You will need to adjust Malt max memory usage (64 GB by default) via modifying malt-build.vmoptions and malt-run.vmoptions files. To locate these files you have to find a Malt conda environment, activate it and replace the default 64 GB with the amount of RAM available on you computer node, in the example below it is 512 GB:

    cd aMeta
    env=$(grep hops .snakemake/conda/*yaml | awk '{print $1}' | sed -e "s/.yaml://g" | head -1)
    conda activate $env
    version=$(conda list malt --json | grep version | sed -e "s/\"//g" | awk '{print $2}')
    cd $env/opt/malt-$version
    sed -i -e "s/-Xmx64G/-Xmx512G/" malt-build.vmoptions
    sed -i -e "s/-Xmx64G/-Xmx512G/" malt-run.vmoptions
    cd -
    conda deactivate

I get "Java heap space error" on the FastQC step, what should I do?

Similarly to Malt, see above, you will need to modify the default memory usage of FastQC. An example of how this can be done is demonstrated below:

    cd aMeta
    env=$(grep fastqc .snakemake/conda/*yaml | awk '{print $1}' | sed -e "s/.yaml://g" | head -1)
    conda activate $env
    version=$(conda list fastqc --json | grep version | sed -e "s/\"//g" | awk '{print $2}')
    cd $env/opt/fastqc-$version
    sed -i -e "s/-Xmx250m/-Xmx10g/" fastqc
    cd -
    conda deactivate

MatExtract takes a lot of time and looks frozen.

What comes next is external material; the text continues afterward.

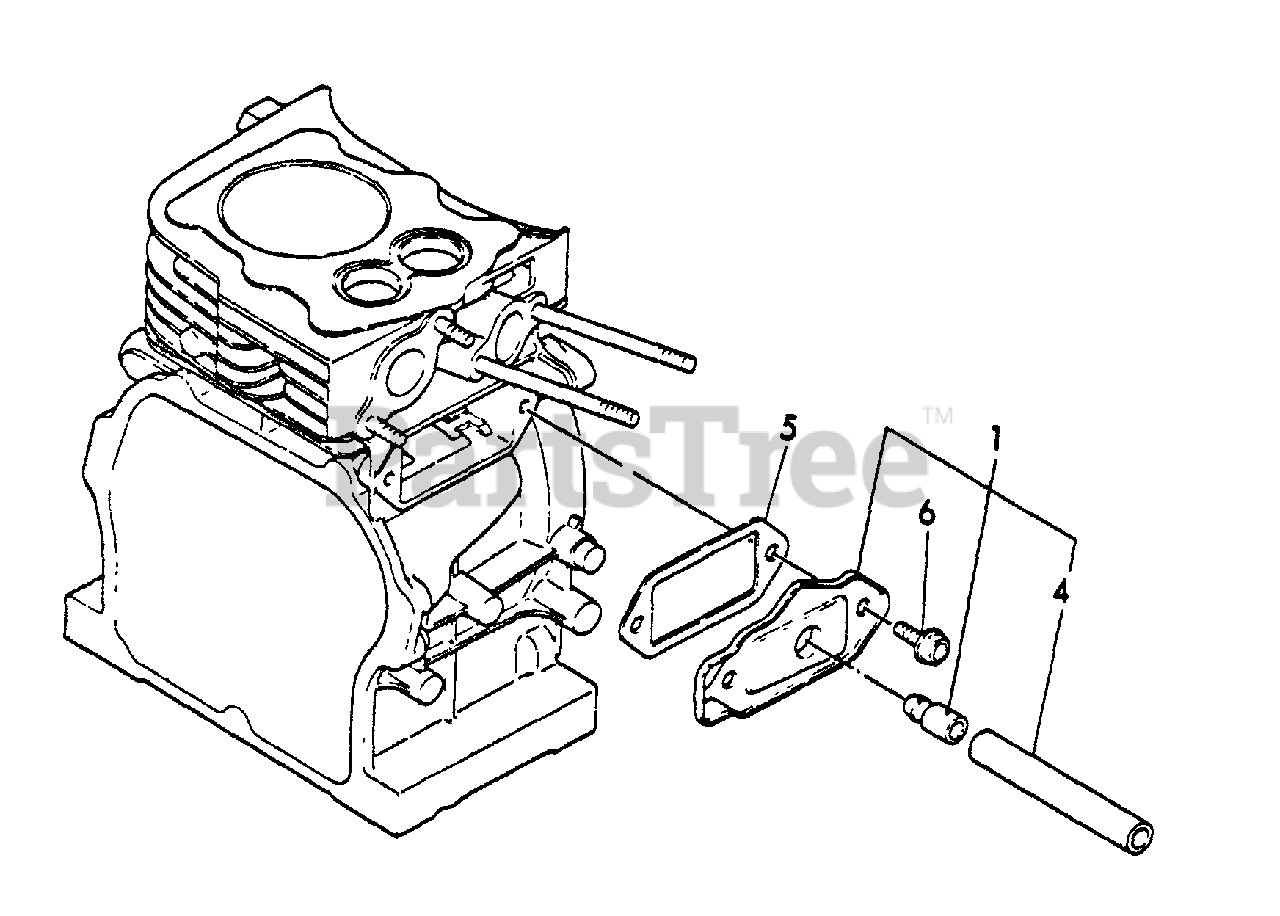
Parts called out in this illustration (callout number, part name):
1	VENT, FUEL TANK
4	PIPE - BREATHER
5	GASKET
6	BOLT - 6X8 -- PLATED

You are probably running aMeta (or at least some jobs from aMeta) on nodes without internet connection. If this is the case, you have to manually download and provide NCBI taxonomy for MaltExtract, i.e. ncbi.map and ncbi.tre files, from here https://github.com/husonlab/megan-ce/tree/master/src/megan/resources/files and place them to resources/ncbi.

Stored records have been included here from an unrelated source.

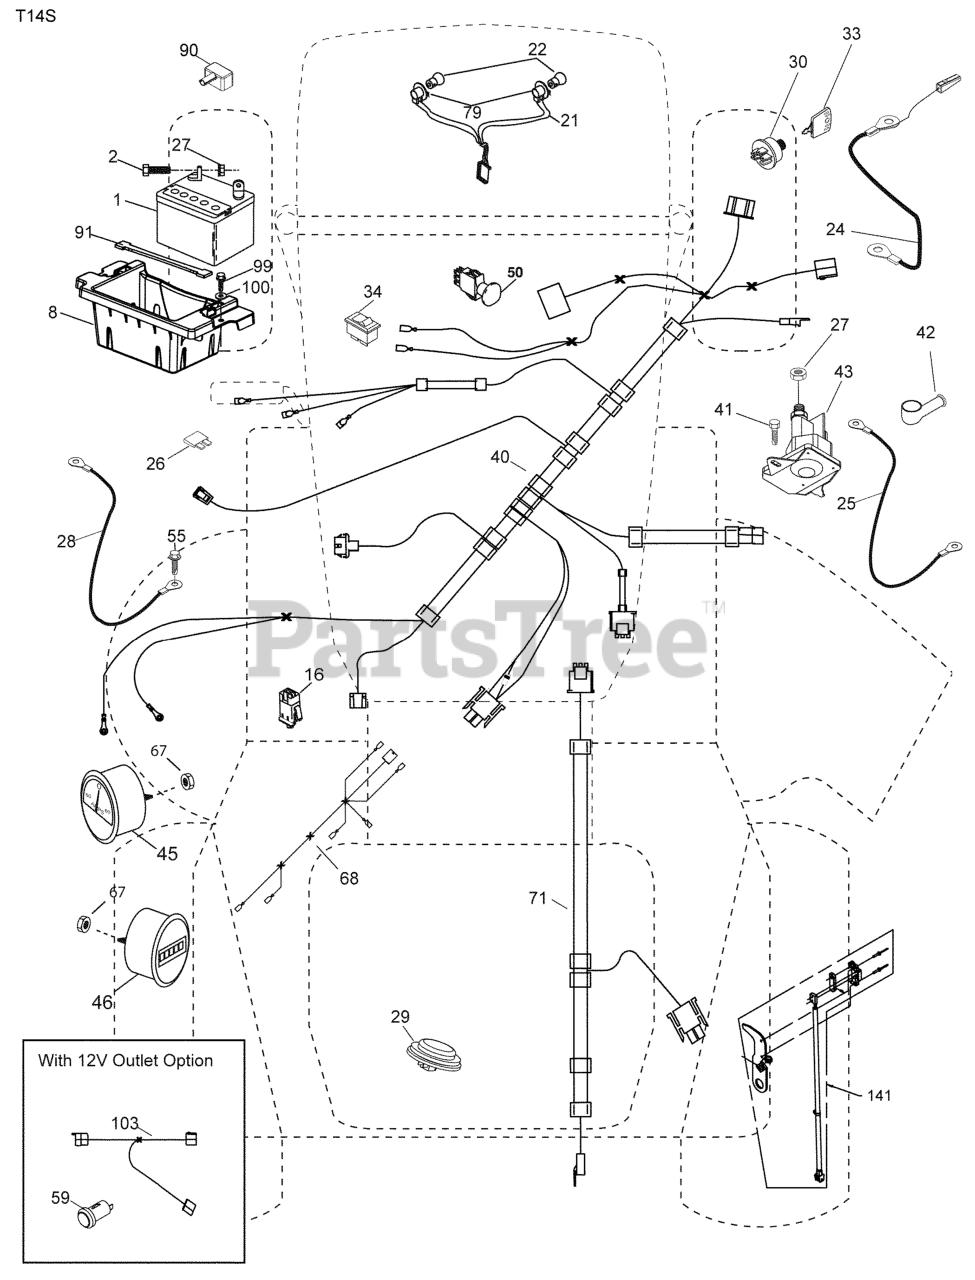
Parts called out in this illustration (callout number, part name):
1	Battery
2	BOLT.HEX.1/4.X.3/4.DICHROMATE
8	BOX.BATTERY.MOUNT.FRONT.LT
16	SWITCH INTERLOOK PUSH-IN
21	HARNESS ASSY LIGHT
22	Bulb, Light
24	CABLE.BATT.POS.WIRE.TG.DA SOL
25	CABLE.STARTER.6G.BL/RED.17.5
26	FUSE 20AMP
27	NUT
28	CABLE GROUND 6 GA 21" 90T BLK
29	SWITCH.SEAT.DELTA.OPC.
30	SWITCH.IGN.DELTA.W.LGH.ROS
33	KEY.CHAIN.BLISTER.PACK.GEN.INT
40	HARNESS IGN. DASH
41	SCREW
42	TERMINAL COVER
43	SOLENOID.W/BRASS.PLUNGER
45	AMMETER.STUDMOUNT.ROUND.SNAPIN
46	HOURMETER.STUDMOUNT.LS
50	RP.PTO.SWITCH.8 TERMINAL.BLACK
55	SCREW 5/16"
59	OUTLET.12-VOLT
67	NUT.10-32.EXTLOCK
68	HARNESS.JUMPER.GAUGES
71	HARNESS-CHASSIS SUB
79	BULB HOLDER ASM.
90	COVER.TERMINAL.BATTERY
91	STRAP.BATTERY.MOUNT.FRONT(2 2)
99	SCREW HEXWSHR 1/4-20X3/4
100	WASHER
103	HARNESS.PIGTAIL.12V.OUTLET.
141	KIT.G700/G730.ROS 71750

I get a "No validator found" message, should I be worried?

Short answer: no, you do not need to be worried about purple snakemake warning text. Only red messages indicate an error and should be investigated.

aMeta takes a lot of time to run, can I speed it up?

If you run aMeta using our pre-built database:

    KrakenUniq DB on full NCBI NT: https://doi.org/10.17044/scilifelab.20205504
    KrakenUniq DB on microbial part of NCBI NT: https://doi.org/10.17044/scilifelab.20518251
    KrakenUniq DB on microbial part of NCBI RefSeq: https://doi.org/10.17044/scilifelab.21299541
    Bowtie2 index for full NCBI NT database: https://doi.org/10.17044/scilifelab.21070063
    Bowtie2 index on pathogenic microbes of NCBI NT: https://doi.org/10.17044/scilifelab.21185887

it can be very fast (a few hours for a sample with ~10 mln reads) if you have enough RAM (recommended minimum ~200 GB, ideally ~1 TB). Otherwise, runing aMeta with smaller RAM is also possible but results in much longer computation times. We prioritize using large databases for more accurate metagenomic analysis. Alternatively, smaller databases can also be used which might speed up aMeta considerably, but very likely result in less accurate analysis (lower sensitivity and specificity).